China will open up its economy further and lower import tariffs on some products including cars, President Xi Jinping said on Tuesday, in pledges seen as a bid to defuse a trade row with the US.
In a speech at the Boao Forum for Asia, an annual summit that is held in Boao in Hainan province, Xi vowed to raise the foreign ownership limit in the automobile, shipbuilding and aircraft sectors “as soon as possible”, and push previously announced measures to open the financial sector, Reuters reports.
“This year, we will considerably reduce auto import tariffs, and at the same time reduce import tariffs on some other products,” Xi added.
China will sharply widen market access for foreign investors, he said, apparently responding to the chief complaint of the nation’s trading partners and a point of contention for US President Donald Trump’s administration.
While most of Xi’s pledges were reiterations of previously announced measures, for which foreign business groups say implementation is long overdue, Xi’s comments sent US stock futures, the dollar and Asian shares higher.
Chinese officials have been promising since at least 2013 to ease restrictions on foreign joint ventures in the auto industry, which would allow foreign companies to take a majority stake.

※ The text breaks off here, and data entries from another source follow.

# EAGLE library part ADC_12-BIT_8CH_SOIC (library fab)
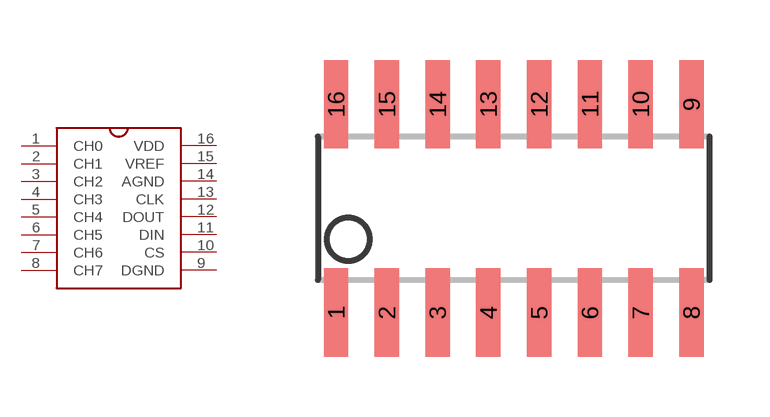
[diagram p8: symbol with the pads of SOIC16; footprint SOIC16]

Designator prefix -

## ADC_12-BIT_8CH_SOIC  [SOIC16]
1  CH0
2  CH1
3  CH2
4  CH3
5  CH4
6  CH5
7  CH6
8  CH7
9  DGND
10  CS
11  DIN
12  DOUT
13  CLK
14  AGND
15  VREF
16  VDD

## Footprint SOIC16 (pad centres in mm)
smd 0.61 x 2.21: 1 -3.81,-2.603; 2 -2.54,-2.603; 3 -1.27,-2.603; 4 0,-2.603; 5 1.27,-2.603; 6 2.54,-2.603; 7 3.81,-2.603; 8 5.08,-2.603; 9 5.08,2.603; 10 3.81,2.603; 11 2.54,2.603; 12 1.27,2.603; 13 0,2.603; 14 -1.27,2.603; 15 -2.54,2.603; 16 -3.81,2.603

They currently are limited to a 50 percent stake in joint ventures, and are not allowed to establish wholly owned factories.
Xi’s renewed pledges to open up the auto sector come after Trump on Monday criticized China on Twitter for maintaining 25 percent auto import tariffs compared to the United States’ 2.5 percent duties, calling such a relationship with China not free trade but “stupid trade”.
In other remarks, the Chinese president said “Cold War mentality” and isolationism would “hit brick walls”.
His speech did not specifically mention the United States or its trade policies, Reuters noted.
Foreign business groups welcomed Xi’s commitment to reforms, including promises to strengthen legal deterrence on intellectual property violators, but said the speech fell short on specifics.
“Ultimately US industry will be looking for implementation of long-stalled economic reforms, but actions to date have greatly undermined the optimism of the US business community,” Jacob Parker, vice president of China operations at the US-China Business Council, told Reuters.